Trumps Fakten sind nicht mehr als Gerüchte, Testballons, Ankündigungen, die zum Verkauf veranlassen, wie die Einführung der Zölle. Seine Kehrtwendungen sind die neuen Fakten. Doch auch deren Halbwertzeit ist begrenzt, werden sie doch mit Verfallsdaten versehen. 90 Tage sind Zölle verschoben, in 30 Tagen wird entschieden, noch diese Woche fällt eine Entscheidung. So oder ähnlich klingen die Ankündigungen – und zurück bleiben Verunsicherung und Volatilität.
Doch in all dem Chaos zeigt sich auch eine andere Wahrheit: Wer Ruhe bewahrt, fährt oft besser. Der langfristig orientierte Anleger, der im April seine Positionen nicht verändert hat, steht mit einem Minus von nur 2,3% da – kein Grund zur Panik, keine blutige Nase. Lange sind die Börsen nicht den Fundamentaldaten, sondern dem Theater gefolgt. Fakten, wie Trump sie versteht, sind unwichtig geworden, sie sind nur Inhalte für eine Bühne der Eitelkeit und Schlagzeilen. So lohnt es sich nicht länger, das Gerücht zu kaufen und deren Erfüllung zu verkaufen.

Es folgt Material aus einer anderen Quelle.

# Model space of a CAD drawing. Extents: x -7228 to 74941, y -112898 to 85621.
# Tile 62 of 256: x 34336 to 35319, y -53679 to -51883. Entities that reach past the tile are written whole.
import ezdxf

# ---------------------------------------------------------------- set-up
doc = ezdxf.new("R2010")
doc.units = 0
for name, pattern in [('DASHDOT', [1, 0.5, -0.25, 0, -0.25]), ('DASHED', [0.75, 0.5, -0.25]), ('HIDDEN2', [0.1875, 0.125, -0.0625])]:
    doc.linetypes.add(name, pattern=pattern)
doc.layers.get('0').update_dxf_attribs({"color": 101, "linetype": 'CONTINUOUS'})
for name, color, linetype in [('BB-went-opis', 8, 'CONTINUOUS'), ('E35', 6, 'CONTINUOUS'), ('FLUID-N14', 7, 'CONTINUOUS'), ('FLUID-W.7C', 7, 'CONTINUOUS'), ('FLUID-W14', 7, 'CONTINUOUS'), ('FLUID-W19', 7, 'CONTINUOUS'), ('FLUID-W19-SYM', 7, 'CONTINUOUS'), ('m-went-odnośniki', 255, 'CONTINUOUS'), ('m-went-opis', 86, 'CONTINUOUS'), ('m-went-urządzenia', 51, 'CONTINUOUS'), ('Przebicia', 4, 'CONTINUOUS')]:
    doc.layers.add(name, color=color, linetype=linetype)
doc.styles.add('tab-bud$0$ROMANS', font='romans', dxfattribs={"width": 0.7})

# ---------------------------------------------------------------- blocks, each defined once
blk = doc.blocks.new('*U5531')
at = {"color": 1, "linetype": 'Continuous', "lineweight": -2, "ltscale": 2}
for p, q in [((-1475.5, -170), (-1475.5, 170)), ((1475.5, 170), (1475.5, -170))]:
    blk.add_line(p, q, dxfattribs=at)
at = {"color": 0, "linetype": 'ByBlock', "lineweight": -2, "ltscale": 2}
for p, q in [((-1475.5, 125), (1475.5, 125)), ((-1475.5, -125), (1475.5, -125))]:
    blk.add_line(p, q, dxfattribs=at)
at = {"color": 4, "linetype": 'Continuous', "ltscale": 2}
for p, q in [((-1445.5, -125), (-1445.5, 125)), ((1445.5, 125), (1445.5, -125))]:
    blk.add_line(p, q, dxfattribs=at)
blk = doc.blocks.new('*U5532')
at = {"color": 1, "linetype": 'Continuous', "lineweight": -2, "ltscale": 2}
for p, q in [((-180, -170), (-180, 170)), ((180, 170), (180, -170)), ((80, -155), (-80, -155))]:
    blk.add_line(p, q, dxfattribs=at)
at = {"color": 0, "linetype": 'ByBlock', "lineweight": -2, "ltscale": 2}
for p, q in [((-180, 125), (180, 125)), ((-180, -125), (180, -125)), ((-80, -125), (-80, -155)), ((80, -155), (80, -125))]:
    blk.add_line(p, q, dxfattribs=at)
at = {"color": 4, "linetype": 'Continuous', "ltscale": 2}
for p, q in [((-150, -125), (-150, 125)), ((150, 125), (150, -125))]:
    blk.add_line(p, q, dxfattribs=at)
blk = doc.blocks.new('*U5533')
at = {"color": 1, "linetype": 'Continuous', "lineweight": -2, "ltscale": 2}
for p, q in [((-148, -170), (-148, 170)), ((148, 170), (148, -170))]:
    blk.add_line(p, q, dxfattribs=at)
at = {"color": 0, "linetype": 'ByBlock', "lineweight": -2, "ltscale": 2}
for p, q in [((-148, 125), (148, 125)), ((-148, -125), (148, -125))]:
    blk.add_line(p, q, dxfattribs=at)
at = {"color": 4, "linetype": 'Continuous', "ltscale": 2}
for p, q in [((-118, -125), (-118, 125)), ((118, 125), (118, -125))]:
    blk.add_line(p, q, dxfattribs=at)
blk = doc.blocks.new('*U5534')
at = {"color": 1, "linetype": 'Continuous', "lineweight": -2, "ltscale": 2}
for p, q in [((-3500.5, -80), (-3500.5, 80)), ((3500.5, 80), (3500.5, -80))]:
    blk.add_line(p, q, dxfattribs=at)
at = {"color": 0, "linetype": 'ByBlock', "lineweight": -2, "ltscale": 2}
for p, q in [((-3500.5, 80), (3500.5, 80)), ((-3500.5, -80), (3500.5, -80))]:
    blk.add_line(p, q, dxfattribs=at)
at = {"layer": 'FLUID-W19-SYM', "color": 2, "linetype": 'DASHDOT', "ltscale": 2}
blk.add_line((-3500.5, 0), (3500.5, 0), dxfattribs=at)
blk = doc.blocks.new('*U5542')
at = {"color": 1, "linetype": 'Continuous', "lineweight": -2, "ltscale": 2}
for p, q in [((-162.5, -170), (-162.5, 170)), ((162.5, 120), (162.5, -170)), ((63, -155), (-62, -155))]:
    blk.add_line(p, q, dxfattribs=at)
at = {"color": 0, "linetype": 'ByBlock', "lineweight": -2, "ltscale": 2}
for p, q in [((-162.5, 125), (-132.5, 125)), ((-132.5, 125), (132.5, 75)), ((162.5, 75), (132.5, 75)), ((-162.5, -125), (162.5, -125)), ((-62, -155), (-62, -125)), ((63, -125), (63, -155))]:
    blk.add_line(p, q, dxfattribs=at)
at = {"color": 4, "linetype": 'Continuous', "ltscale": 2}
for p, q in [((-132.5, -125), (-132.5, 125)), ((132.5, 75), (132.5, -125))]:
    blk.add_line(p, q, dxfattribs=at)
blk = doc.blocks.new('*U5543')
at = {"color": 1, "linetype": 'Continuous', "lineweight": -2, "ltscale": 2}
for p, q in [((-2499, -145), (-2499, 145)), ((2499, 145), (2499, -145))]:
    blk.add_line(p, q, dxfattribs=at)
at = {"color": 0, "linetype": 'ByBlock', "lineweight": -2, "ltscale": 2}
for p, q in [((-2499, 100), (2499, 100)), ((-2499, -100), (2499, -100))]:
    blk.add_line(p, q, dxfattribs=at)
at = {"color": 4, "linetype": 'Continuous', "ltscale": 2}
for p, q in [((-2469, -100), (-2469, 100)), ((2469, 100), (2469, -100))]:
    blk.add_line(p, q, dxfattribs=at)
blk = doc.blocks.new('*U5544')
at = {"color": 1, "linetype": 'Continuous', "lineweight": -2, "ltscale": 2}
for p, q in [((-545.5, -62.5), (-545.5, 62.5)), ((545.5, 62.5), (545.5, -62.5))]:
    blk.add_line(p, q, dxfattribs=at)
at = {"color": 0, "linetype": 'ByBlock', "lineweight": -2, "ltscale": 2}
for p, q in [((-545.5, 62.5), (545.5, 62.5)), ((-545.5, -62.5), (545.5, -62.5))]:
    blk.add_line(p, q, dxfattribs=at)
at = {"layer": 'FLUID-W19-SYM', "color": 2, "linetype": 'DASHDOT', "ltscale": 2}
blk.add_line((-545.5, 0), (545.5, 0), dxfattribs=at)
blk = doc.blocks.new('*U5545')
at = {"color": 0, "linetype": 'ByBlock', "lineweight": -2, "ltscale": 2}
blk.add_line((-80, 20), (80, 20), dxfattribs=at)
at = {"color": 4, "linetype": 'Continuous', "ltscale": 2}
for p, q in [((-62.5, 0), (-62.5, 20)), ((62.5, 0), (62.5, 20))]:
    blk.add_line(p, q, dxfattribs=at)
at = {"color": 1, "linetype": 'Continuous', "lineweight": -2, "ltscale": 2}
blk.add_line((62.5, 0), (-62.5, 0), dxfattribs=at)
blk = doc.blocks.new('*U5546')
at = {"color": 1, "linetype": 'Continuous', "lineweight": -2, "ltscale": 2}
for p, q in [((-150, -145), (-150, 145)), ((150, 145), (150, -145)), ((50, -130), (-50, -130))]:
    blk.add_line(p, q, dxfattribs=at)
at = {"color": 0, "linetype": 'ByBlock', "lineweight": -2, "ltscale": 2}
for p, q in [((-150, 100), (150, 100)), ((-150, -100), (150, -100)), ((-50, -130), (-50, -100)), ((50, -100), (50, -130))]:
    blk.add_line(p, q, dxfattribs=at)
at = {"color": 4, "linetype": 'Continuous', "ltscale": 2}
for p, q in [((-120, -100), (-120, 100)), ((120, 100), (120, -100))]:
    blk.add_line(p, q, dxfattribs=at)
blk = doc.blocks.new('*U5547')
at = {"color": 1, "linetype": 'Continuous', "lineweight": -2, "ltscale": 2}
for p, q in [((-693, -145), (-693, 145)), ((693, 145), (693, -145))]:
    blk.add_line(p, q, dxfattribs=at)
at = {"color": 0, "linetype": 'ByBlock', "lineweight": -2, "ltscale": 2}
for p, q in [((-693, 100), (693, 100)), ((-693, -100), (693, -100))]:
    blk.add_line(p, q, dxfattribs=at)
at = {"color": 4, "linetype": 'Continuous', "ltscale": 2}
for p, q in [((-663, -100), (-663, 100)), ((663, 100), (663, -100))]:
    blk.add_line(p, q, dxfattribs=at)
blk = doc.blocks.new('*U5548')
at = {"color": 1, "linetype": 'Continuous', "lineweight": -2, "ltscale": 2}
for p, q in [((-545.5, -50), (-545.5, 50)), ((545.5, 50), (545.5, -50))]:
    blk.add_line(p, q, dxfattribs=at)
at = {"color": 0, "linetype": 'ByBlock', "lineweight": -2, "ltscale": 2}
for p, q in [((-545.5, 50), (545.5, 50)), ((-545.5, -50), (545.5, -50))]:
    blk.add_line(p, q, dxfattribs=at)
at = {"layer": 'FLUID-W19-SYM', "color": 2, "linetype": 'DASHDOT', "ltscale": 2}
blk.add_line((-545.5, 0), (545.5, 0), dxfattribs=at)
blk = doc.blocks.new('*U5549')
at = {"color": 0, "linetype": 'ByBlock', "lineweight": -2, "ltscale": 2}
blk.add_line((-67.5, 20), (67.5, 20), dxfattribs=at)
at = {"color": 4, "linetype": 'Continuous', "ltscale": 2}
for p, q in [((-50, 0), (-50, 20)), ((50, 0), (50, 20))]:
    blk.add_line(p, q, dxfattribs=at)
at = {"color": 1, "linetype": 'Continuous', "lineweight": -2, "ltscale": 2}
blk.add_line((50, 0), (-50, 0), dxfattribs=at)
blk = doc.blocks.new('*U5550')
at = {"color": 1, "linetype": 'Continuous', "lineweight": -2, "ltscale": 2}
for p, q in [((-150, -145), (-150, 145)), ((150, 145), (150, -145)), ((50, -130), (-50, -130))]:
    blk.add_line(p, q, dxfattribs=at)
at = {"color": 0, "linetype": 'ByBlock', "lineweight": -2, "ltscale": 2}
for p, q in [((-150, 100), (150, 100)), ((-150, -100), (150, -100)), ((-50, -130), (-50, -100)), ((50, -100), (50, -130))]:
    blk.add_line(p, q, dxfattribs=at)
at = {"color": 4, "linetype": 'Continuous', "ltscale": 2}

Es wird eine Wiederbelebung der langfristigen Betrachtung der Unternehmen, der einzelnen Aktien geben. Stockpicking wird immer wichtiger und vor allem: eine eigene Meinung über die langfristige Gesundheit von Unternehmen. Ankündigungen von Trump sollten als lästiges Störfeuer gesehen werden, die Kaufentscheidung dem Makroblick folgen. Dann werden Investoren sich unabhängig machen von Trumps Bühne – und erfolgreicher werden. Und Trump wird seine Macht zur Manipulation verlieren.
*) Mathias Beil ist Leiter Private Banking bei der Hamburger Sutor Bank, gegründet 1921. Die Hamburger bieten klassisches Private Banking, betreiben eine Banking-Plattform für digitale Partner und kooperieren mit unabhängigen Finanzdienstleistern.